- Activity -
The result should be a faithful copy of every entry below, with the pictures left out.

- Given records -
━━━━━━━━━━
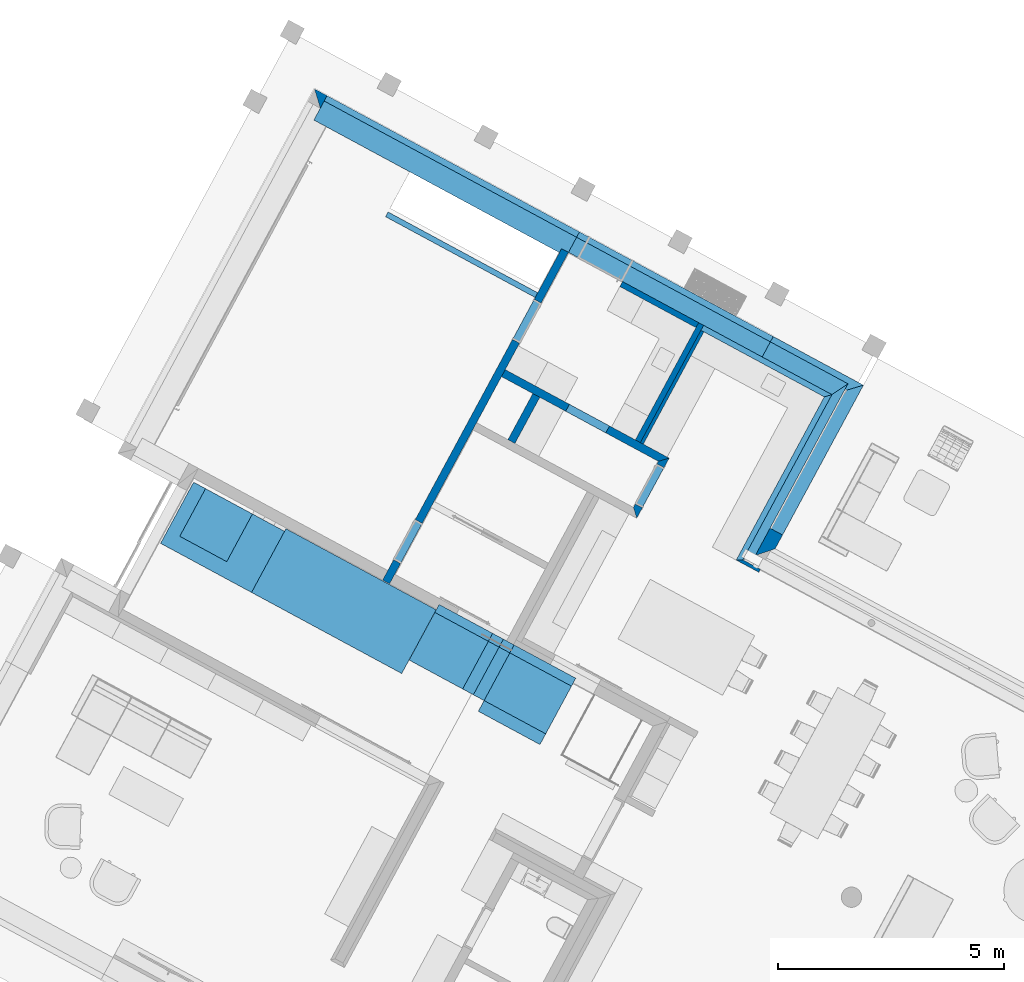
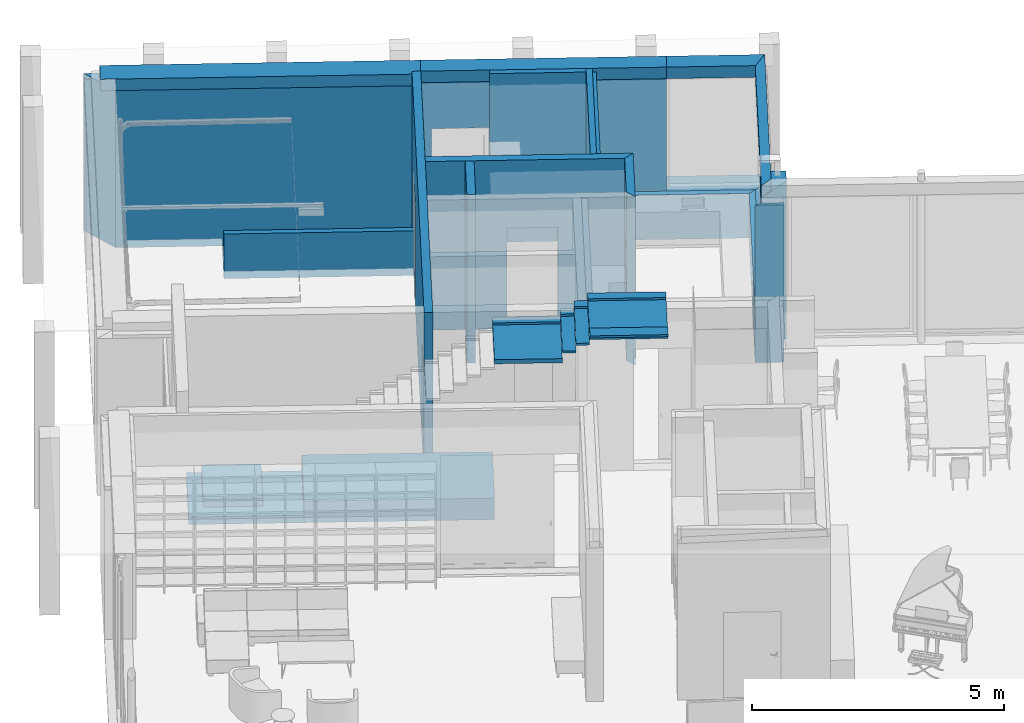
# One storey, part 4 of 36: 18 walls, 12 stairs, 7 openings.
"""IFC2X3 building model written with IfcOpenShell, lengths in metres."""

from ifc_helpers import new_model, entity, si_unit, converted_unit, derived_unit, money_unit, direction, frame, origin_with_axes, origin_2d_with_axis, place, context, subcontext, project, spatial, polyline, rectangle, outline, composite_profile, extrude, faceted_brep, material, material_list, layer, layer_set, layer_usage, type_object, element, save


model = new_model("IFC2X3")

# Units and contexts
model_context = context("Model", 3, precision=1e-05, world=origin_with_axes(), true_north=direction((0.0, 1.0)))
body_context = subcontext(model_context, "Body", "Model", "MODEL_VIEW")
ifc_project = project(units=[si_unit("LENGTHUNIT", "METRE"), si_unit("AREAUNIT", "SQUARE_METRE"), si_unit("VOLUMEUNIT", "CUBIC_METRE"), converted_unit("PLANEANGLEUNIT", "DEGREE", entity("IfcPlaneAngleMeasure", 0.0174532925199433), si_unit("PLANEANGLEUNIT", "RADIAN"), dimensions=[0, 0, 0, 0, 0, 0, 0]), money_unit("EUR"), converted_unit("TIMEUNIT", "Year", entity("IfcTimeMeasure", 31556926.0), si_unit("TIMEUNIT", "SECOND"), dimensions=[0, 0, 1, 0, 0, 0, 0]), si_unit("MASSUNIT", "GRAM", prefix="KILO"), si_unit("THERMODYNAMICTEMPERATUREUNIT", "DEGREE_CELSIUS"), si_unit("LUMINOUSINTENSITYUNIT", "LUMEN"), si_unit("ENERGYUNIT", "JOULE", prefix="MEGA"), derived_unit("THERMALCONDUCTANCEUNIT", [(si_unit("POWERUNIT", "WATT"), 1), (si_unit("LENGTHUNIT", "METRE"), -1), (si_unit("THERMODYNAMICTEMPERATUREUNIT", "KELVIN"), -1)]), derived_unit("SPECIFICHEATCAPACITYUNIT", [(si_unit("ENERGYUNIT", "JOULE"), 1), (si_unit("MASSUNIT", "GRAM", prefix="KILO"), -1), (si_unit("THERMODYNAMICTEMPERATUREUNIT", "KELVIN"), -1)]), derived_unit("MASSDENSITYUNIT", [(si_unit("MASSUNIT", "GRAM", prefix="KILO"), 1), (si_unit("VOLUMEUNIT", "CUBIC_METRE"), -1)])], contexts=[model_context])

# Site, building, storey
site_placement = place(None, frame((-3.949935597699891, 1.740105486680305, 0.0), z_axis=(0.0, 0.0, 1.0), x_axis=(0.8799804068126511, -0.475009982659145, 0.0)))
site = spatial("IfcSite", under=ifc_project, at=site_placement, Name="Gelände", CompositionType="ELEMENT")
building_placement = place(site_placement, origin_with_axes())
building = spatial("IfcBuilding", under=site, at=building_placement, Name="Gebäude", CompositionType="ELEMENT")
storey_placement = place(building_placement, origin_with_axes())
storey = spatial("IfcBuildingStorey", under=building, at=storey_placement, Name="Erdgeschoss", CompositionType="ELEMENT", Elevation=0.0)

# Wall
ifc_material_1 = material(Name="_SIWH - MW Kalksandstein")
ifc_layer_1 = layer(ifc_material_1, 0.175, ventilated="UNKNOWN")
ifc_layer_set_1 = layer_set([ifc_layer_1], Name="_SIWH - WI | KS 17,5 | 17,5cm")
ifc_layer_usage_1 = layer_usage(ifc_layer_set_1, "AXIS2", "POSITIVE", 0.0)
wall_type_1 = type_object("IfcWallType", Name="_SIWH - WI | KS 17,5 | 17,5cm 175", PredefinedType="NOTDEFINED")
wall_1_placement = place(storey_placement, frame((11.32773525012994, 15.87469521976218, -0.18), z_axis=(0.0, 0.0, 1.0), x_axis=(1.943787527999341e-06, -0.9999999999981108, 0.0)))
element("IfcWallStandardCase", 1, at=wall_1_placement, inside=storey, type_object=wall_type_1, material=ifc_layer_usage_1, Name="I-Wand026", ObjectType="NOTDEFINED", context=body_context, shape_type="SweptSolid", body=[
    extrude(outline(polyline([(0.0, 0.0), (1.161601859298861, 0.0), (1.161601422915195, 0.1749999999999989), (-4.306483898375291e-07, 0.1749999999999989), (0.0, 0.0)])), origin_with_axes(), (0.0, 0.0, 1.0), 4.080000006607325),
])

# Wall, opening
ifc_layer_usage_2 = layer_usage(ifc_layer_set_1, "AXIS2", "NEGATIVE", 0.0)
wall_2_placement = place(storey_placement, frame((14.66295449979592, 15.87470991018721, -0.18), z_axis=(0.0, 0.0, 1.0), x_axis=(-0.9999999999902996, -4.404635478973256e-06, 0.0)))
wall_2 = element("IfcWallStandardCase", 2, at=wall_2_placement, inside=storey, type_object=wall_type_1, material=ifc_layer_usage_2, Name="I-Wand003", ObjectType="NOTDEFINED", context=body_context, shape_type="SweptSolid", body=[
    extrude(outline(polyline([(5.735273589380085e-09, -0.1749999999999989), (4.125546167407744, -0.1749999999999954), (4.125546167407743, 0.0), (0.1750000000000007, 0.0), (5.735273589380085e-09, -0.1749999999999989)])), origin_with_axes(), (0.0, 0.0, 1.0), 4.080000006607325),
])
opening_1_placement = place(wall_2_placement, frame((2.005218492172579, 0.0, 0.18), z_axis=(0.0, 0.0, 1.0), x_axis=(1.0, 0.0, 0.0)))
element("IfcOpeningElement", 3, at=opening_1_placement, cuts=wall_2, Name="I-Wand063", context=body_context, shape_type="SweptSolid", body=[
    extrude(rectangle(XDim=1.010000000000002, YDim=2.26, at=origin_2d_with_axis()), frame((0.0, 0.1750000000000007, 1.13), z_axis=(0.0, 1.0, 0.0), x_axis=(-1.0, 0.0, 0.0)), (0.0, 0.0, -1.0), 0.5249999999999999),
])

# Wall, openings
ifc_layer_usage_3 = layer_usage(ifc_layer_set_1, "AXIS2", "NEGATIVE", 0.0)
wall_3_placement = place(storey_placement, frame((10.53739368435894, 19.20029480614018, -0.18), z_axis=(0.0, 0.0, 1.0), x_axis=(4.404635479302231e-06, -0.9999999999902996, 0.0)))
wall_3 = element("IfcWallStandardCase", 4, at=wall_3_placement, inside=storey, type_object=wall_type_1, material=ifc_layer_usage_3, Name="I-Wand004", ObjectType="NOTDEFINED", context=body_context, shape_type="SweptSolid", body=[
━━━━━━━━━━
- Task solution -
# One storey, part 4 of 36: 18 walls, 12 stairs, 7 openings.
"""IFC2X3 building model written with IfcOpenShell, lengths in metres."""

from ifc_helpers import new_model, entity, si_unit, converted_unit, derived_unit, money_unit, direction, frame, origin_with_axes, origin_2d_with_axis, place, context, subcontext, project, spatial, polyline, rectangle, outline, composite_profile, extrude, faceted_brep, material, material_list, layer, layer_set, layer_usage, type_object, element, save


model = new_model("IFC2X3")

# Units and contexts
model_context = context("Model", 3, precision=1e-05, world=origin_with_axes(), true_north=direction((0.0, 1.0)))
body_context = subcontext(model_context, "Body", "Model", "MODEL_VIEW")
ifc_project = project(units=[si_unit("LENGTHUNIT", "METRE"), si_unit("AREAUNIT", "SQUARE_METRE"), si_unit("VOLUMEUNIT", "CUBIC_METRE"), converted_unit("PLANEANGLEUNIT", "DEGREE", entity("IfcPlaneAngleMeasure", 0.0174532925199433), si_unit("PLANEANGLEUNIT", "RADIAN"), dimensions=[0, 0, 0, 0, 0, 0, 0]), money_unit("EUR"), converted_unit("TIMEUNIT", "Year", entity("IfcTimeMeasure", 31556926.0), si_unit("TIMEUNIT", "SECOND"), dimensions=[0, 0, 1, 0, 0, 0, 0]), si_unit("MASSUNIT", "GRAM", prefix="KILO"), si_unit("THERMODYNAMICTEMPERATUREUNIT", "DEGREE_CELSIUS"), si_unit("LUMINOUSINTENSITYUNIT", "LUMEN"), si_unit("ENERGYUNIT", "JOULE", prefix="MEGA"), derived_unit("THERMALCONDUCTANCEUNIT", [(si_unit("POWERUNIT", "WATT"), 1), (si_unit("LENGTHUNIT", "METRE"), -1), (si_unit("THERMODYNAMICTEMPERATUREUNIT", "KELVIN"), -1)]), derived_unit("SPECIFICHEATCAPACITYUNIT", [(si_unit("ENERGYUNIT", "JOULE"), 1), (si_unit("MASSUNIT", "GRAM", prefix="KILO"), -1), (si_unit("THERMODYNAMICTEMPERATUREUNIT", "KELVIN"), -1)]), derived_unit("MASSDENSITYUNIT", [(si_unit("MASSUNIT", "GRAM", prefix="KILO"), 1), (si_unit("VOLUMEUNIT", "CUBIC_METRE"), -1)])], contexts=[model_context])

# Site, building, storey
site_placement = place(None, frame((-3.949935597699891, 1.740105486680305, 0.0), z_axis=(0.0, 0.0, 1.0), x_axis=(0.8799804068126511, -0.475009982659145, 0.0)))
site = spatial("IfcSite", under=ifc_project, at=site_placement, Name="Gelände", CompositionType="ELEMENT")
building_placement = place(site_placement, origin_with_axes())
building = spatial("IfcBuilding", under=site, at=building_placement, Name="Gebäude", CompositionType="ELEMENT")
storey_placement = place(building_placement, origin_with_axes())
storey = spatial("IfcBuildingStorey", under=building, at=storey_placement, Name="Erdgeschoss", CompositionType="ELEMENT", Elevation=0.0)

# Wall
ifc_material_1 = material(Name="_SIWH - MW Kalksandstein")
ifc_layer_1 = layer(ifc_material_1, 0.175, ventilated="UNKNOWN")
ifc_layer_set_1 = layer_set([ifc_layer_1], Name="_SIWH - WI | KS 17,5 | 17,5cm")
ifc_layer_usage_1 = layer_usage(ifc_layer_set_1, "AXIS2", "POSITIVE", 0.0)
wall_type_1 = type_object("IfcWallType", Name="_SIWH - WI | KS 17,5 | 17,5cm 175", PredefinedType="NOTDEFINED")
wall_1_placement = place(storey_placement, frame((11.32773525012994, 15.87469521976218, -0.18), z_axis=(0.0, 0.0, 1.0), x_axis=(1.943787527999341e-06, -0.9999999999981108, 0.0)))
element("IfcWallStandardCase", 1, at=wall_1_placement, inside=storey, type_object=wall_type_1, material=ifc_layer_usage_1, Name="I-Wand026", ObjectType="NOTDEFINED", context=body_context, shape_type="SweptSolid", body=[
    extrude(outline(polyline([(0.0, 0.0), (1.161601859298861, 0.0), (1.161601422915195, 0.1749999999999989), (-4.306483898375291e-07, 0.1749999999999989), (0.0, 0.0)])), origin_with_axes(), (0.0, 0.0, 1.0), 4.080000006607325),
])

# Wall, opening
ifc_layer_usage_2 = layer_usage(ifc_layer_set_1, "AXIS2", "NEGATIVE", 0.0)
wall_2_placement = place(storey_placement, frame((14.66295449979592, 15.87470991018721, -0.18), z_axis=(0.0, 0.0, 1.0), x_axis=(-0.9999999999902996, -4.404635478973256e-06, 0.0)))
wall_2 = element("IfcWallStandardCase", 2, at=wall_2_placement, inside=storey, type_object=wall_type_1, material=ifc_layer_usage_2, Name="I-Wand003", ObjectType="NOTDEFINED", context=body_context, shape_type="SweptSolid", body=[
    extrude(outline(polyline([(5.735273589380085e-09, -0.1749999999999989), (4.125546167407744, -0.1749999999999954), (4.125546167407743, 0.0), (0.1750000000000007, 0.0), (5.735273589380085e-09, -0.1749999999999989)])), origin_with_axes(), (0.0, 0.0, 1.0), 4.080000006607325),
])
opening_1_placement = place(wall_2_placement, frame((2.005218492172579, 0.0, 0.18), z_axis=(0.0, 0.0, 1.0), x_axis=(1.0, 0.0, 0.0)))
element("IfcOpeningElement", 3, at=opening_1_placement, cuts=wall_2, Name="I-Wand063", context=body_context, shape_type="SweptSolid", body=[
    extrude(rectangle(XDim=1.010000000000002, YDim=2.26, at=origin_2d_with_axis()), frame((0.0, 0.1750000000000007, 1.13), z_axis=(0.0, 1.0, 0.0), x_axis=(-1.0, 0.0, 0.0)), (0.0, 0.0, -1.0), 0.5249999999999999),
])

# Wall, openings
ifc_layer_usage_3 = layer_usage(ifc_layer_set_1, "AXIS2", "NEGATIVE", 0.0)
wall_3_placement = place(storey_placement, frame((10.53739368435894, 19.20029480614018, -0.18), z_axis=(0.0, 0.0, 1.0), x_axis=(4.404635479302231e-06, -0.9999999999902996, 0.0)))
wall_3 = element("IfcWallStandardCase", 4, at=wall_3_placement, inside=storey, type_object=wall_type_1, material=ifc_layer_usage_3, Name="I-Wand004", ObjectType="NOTDEFINED", context=body_context, shape_type="SweptSolid", body=[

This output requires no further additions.